The financial statements are prepared in accordance with Indian Accounting Standards (Ind AS) under the historical cost convention on accrual basis except for certain financial instruments, which are measured at fair values, the provisions of the Act (to the extent notified) and guidelines issued by SEBI. Ind AS are prescribed under section 133 of Companies Act, 2013, read with Rule 3 of the Companies (Indian Accounting Standards) Rules, 2015 and Companies (Indian Accounting Standards) Amendment Rules, 2016. Effective April 1, 2017, the Company has adopted all the Ind AS standards and the adoption was carried out in accordance with the applicable transition guidance. Accounting policies have been consistently applied except where a newly issued accounting standard is initially adopted or the revision to an existing accounting standard requires a change in the Accounting policy hitherto in use.

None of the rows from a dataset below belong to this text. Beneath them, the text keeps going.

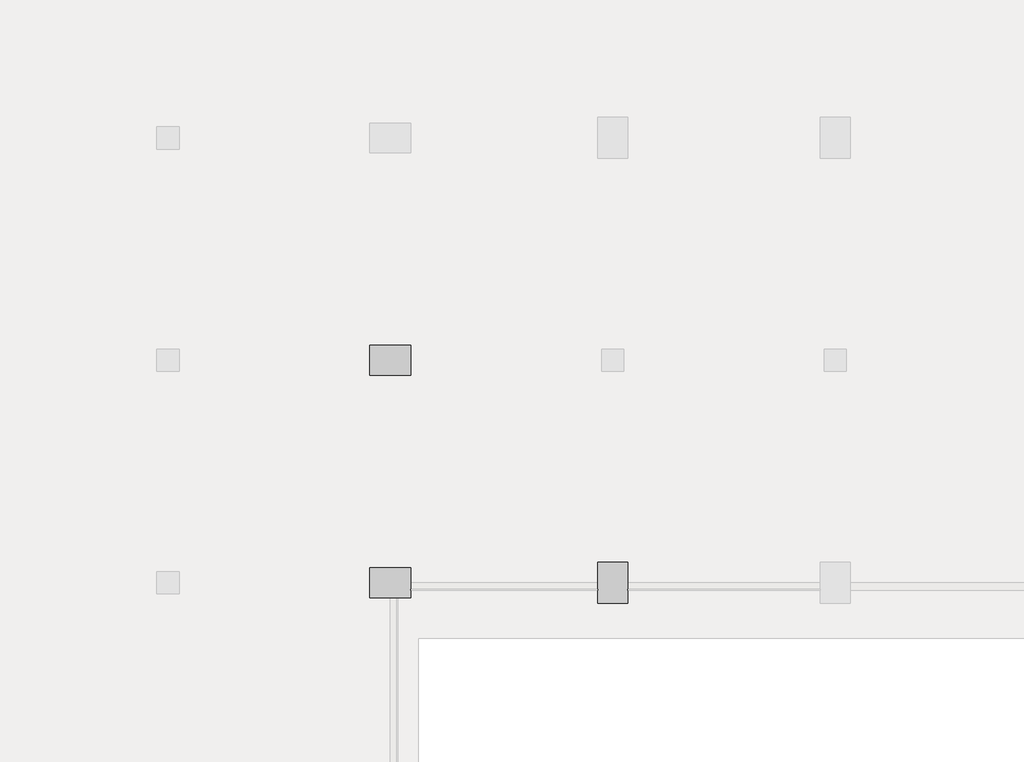
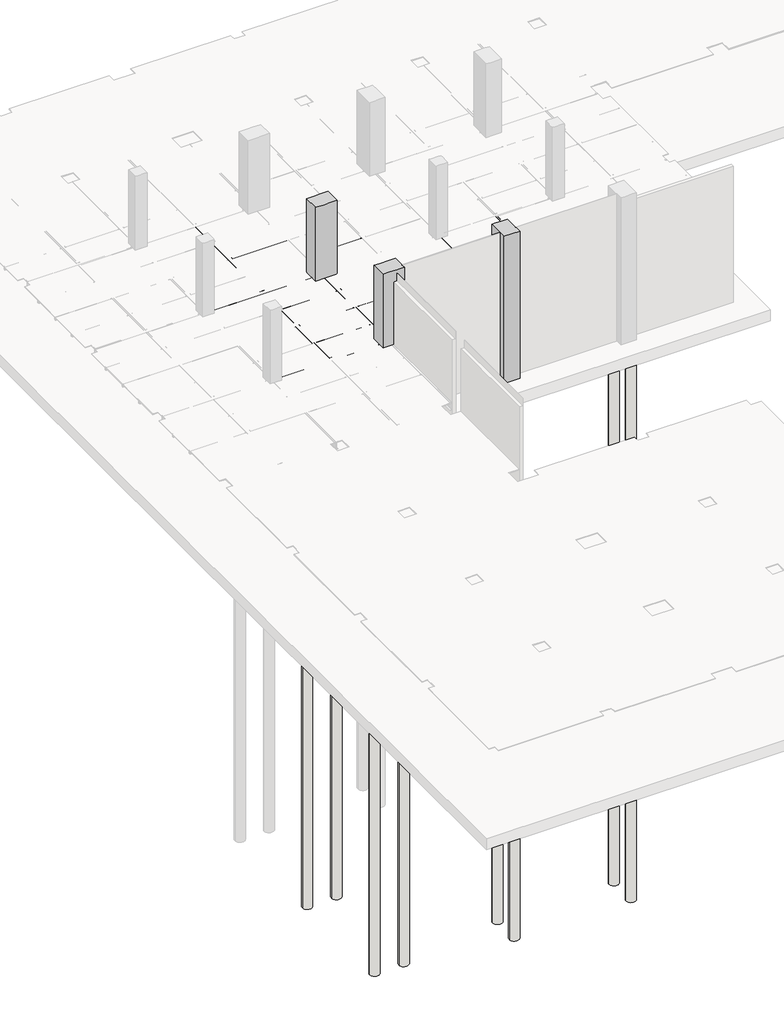
# Not in any storey, part 9 of 16: 28 beams, 8 slabs, 3 columns.
"""IFC4 building model written with IfcOpenShell, lengths in millimetres."""

from ifc_helpers import new_model, si_unit, point, frame, frame_2d, origin, place, context, project, spatial, polyline, circle_curve, trimmed, segment, composite_curve, outline, extrude, faceted_brep, element, save

model = new_model("IFC4")

# Units and contexts
model_context = context("Model", 3, world=origin())
ifc_project = project(units=[si_unit("LENGTHUNIT", "METRE", prefix="MILLI")], contexts=[model_context])

# Site, building
site = spatial("IfcSite", under=ifc_project)
building = spatial("IfcBuilding", under=site)

# Beams
placement = place(None, origin())
element("IfcBeam", 1, ObjectType="Steel Framing_H_KS : H_SB_AR_S02_H-400x200x8x13_BSG1", at=placement, inside=building, context=model_context, shape_type="SweptSolid", body=[
    extrude(outline(composite_curve([segment(polyline([(-23900.0, -4187.0381366), (-23900.0, -4200.0381366), (-24100.0, -4200.0381366), (-24100.0, -4187.0381366), (-24020.0, -4187.0381366)]), True, "CONTINUOUS"), segment(trimmed(circle_curve(frame_2d((-24020.0, -4171.0381366)), 16.0), [point((-24020.0, -4187.0381366))], [point((-24004.0, -4171.0381366))], True, "CARTESIAN"), True, "CONTINUOUS"), segment(polyline([(-24004.0, -4171.0381366), (-24004.0, -3829.0381366)]), True, "CONTINUOUS"), segment(trimmed(circle_curve(frame_2d((-24020.0, -3829.0381366)), 16.0), [point((-24004.0, -3829.0381366))], [point((-24020.0, -3813.0381366))], True, "CARTESIAN"), True, "CONTINUOUS"), segment(polyline([(-24020.0, -3813.0381366), (-24100.0, -3813.0381366), (-24100.0, -3800.0381366), (-23900.0, -3800.0381366), (-23900.0, -3813.0381366), (-23980.0, -3813.0381366)]), True, "CONTINUOUS"), segment(trimmed(circle_curve(frame_2d((-23980.0, -3829.0381366)), 16.0), [point((-23980.0, -3813.0381366))], [point((-23996.0, -3829.0381366))], True, "CARTESIAN"), True, "CONTINUOUS"), segment(polyline([(-23996.0, -3829.0381366), (-23996.0, -4171.0381366)]), True, "CONTINUOUS"), segment(trimmed(circle_curve(frame_2d((-23980.0, -4171.0381366)), 16.0), [point((-23996.0, -4171.0381366))], [point((-23980.0, -4187.0381366))], True, "CARTESIAN"), True, "CONTINUOUS"), segment(polyline([(-23980.0, -4187.0381366), (-23900.0, -4187.0381366)]), True, "CONTINUOUS")], self_intersect=False)), frame((30312.7, 0.0, 0.0), z_axis=(1.0, 0.0, 0.0), x_axis=(0.0, 1.0, 0.0)), (0.0, 0.0, 1.0), 5124.6),
])
element("IfcBeam", 2, ObjectType="Steel Framing_H_KS : H_SB_AR_S02_H-400x200x8x13_BSB1", at=placement, inside=building, context=model_context, shape_type="SweptSolid", body=[
    extrude(outline(composite_curve([segment(polyline([(-4187.0381366, 32900.0), (-4200.0381366, 32900.0), (-4200.0381366, 33100.0), (-4187.0381366, 33100.0), (-4187.0381366, 33020.0)]), True, "CONTINUOUS"), segment(trimmed(circle_curve(frame_2d((-4171.0381366, 33020.0)), 16.0), [point((-4187.0381366, 33020.0))], [point((-4171.0381366, 33004.0))], True, "CARTESIAN"), True, "CONTINUOUS"), segment(polyline([(-4171.0381366, 33004.0), (-3829.0381366, 33004.0)]), True, "CONTINUOUS"), segment(trimmed(circle_curve(frame_2d((-3829.0381366, 33020.0)), 16.0), [point((-3829.0381366, 33004.0))], [point((-3813.0381366, 33020.0))], True, "CARTESIAN"), True, "CONTINUOUS"), segment(polyline([(-3813.0381366, 33020.0), (-3813.0381366, 33100.0), (-3800.0381366, 33100.0), (-3800.0381366, 32900.0), (-3813.0381366, 32900.0), (-3813.0381366, 32980.0)]), True, "CONTINUOUS"), segment(trimmed(circle_curve(frame_2d((-3829.0381366, 32980.0)), 16.0), [point((-3813.0381366, 32980.0))], [point((-3829.0381366, 32996.0))], True, "CARTESIAN"), True, "CONTINUOUS"), segment(polyline([(-3829.0381366, 32996.0), (-4171.0381366, 32996.0)]), True, "CONTINUOUS"), segment(trimmed(circle_curve(frame_2d((-4171.0381366, 32980.0)), 16.0), [point((-4171.0381366, 32996.0))], [point((-4187.0381366, 32980.0))], True, "CARTESIAN"), True, "CONTINUOUS"), segment(polyline([(-4187.0381366, 32980.0), (-4187.0381366, 32900.0)]), True, "CONTINUOUS")], self_intersect=False)), frame((0.0, -23887.3, 0.0), z_axis=(0.0, 1.0, 0.0), x_axis=(0.0, 0.0, 1.0)), (0.0, 0.0, 1.0), 5774.6),
])
element("IfcBeam", 3, ObjectType="Steel Framing_C_KS : H_SB_AR_S02_C-150x75x6.5x10_J1", at=placement, inside=building, context=model_context, shape_type="SweptSolid", body=[
    extrude(outline(composite_curve([segment(polyline([(-20977.2, -3800.0381366), (-20977.2, -3950.0381366), (-21052.2, -3950.0381366)]), True, "CONTINUOUS"), segment(trimmed(circle_curve(frame_2d((-21042.2, -3950.0381366)), 10.0), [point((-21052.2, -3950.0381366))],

Pursuant to Section 134(5) ofthe Companies Act, 2013, the board of directors, to the best of their knowledge and ability, confirm that:

I. In the preparation of the annual accounts, the applicable accounting standards have been followed and there are no Material departures;

II. They have selected such accounting policies and applied them consistently and made judgments and estimates that are reasonable and prudent so as to give a true and fair view of the state of affairs ofthe Company at the end ofthe financial year and ofthe profit ofthe Company for that period;

III. They have taken proper and sufficient care for the maintenance of adequate accounting records in accordance with the provisions of the Act for safeguarding the assets of the Company and for preventing and detecting fraud and other irregularities;

IV.They have prepared the annual accounts on a going concern basis;

V. They have laid down internal financial controls to be followed by the Company and such internal financial controls are adequate and operating effectively;

VI. They have devised proper systems to ensure compliance with the provisions of all applicable laws and that such systems were adequate and operating effectively

Based on the framework of internal financial controls and compliance systems established and maintained by the Company, work performed by the internal, statutory and secretarial auditors and external consultants and the reviews performed by management and the relevant board committees, including the audit committee, the board is of the opinion that the Company’s internal financial controls were adequate and effective during the financial year 2017-18.

19. Internal Financial Controls with Reference to the Financial Statements

The Company has in place proper and adequate internal financial control systems commensurate with the nature of its business, size and complexity of its operations. Internal financial control systems comprising of policies and procedures are designed to ensure reliability of financial reporting, compliance with policies, procedure, Applicable laws and regulations and that all assets and resources are acquired economically, used efficiently and adequately protected.

The Internal Auditor monitors and evaluates the efficacy and adequacy of internal control system in the Company, its compliance with operating systems, accounting procedures and policies at all locations of the Company and its subsidiaries and reports the same on quarterly basis to Audit Committee.

20. Declaration of Independence by Independent Director

The Company has received necessary declaration from each independent director under Section 149(7) of the Companies Act, 2013 and that he/she meets with the criteria of independence, as prescribed under Section 149(6) of the Companies Act, 2013 and Regulation 16(b) and 25 of the Securities and Exchange Board of India (Listing Obligations and Disclosure Requirements) Regulations, 2015.

21. Board Evaluation

The provision of sec. 149(8) of Companies Act, 2013 states that a formal annual evaluation needs to be made by the Board of its own performance, its Chairman and that of individual directors. Further Schedule IV of the Companies Act, 2013 states that the performance evaluation of independent directors shall be done by the entire Board of Directors, excluding the director being evaluated.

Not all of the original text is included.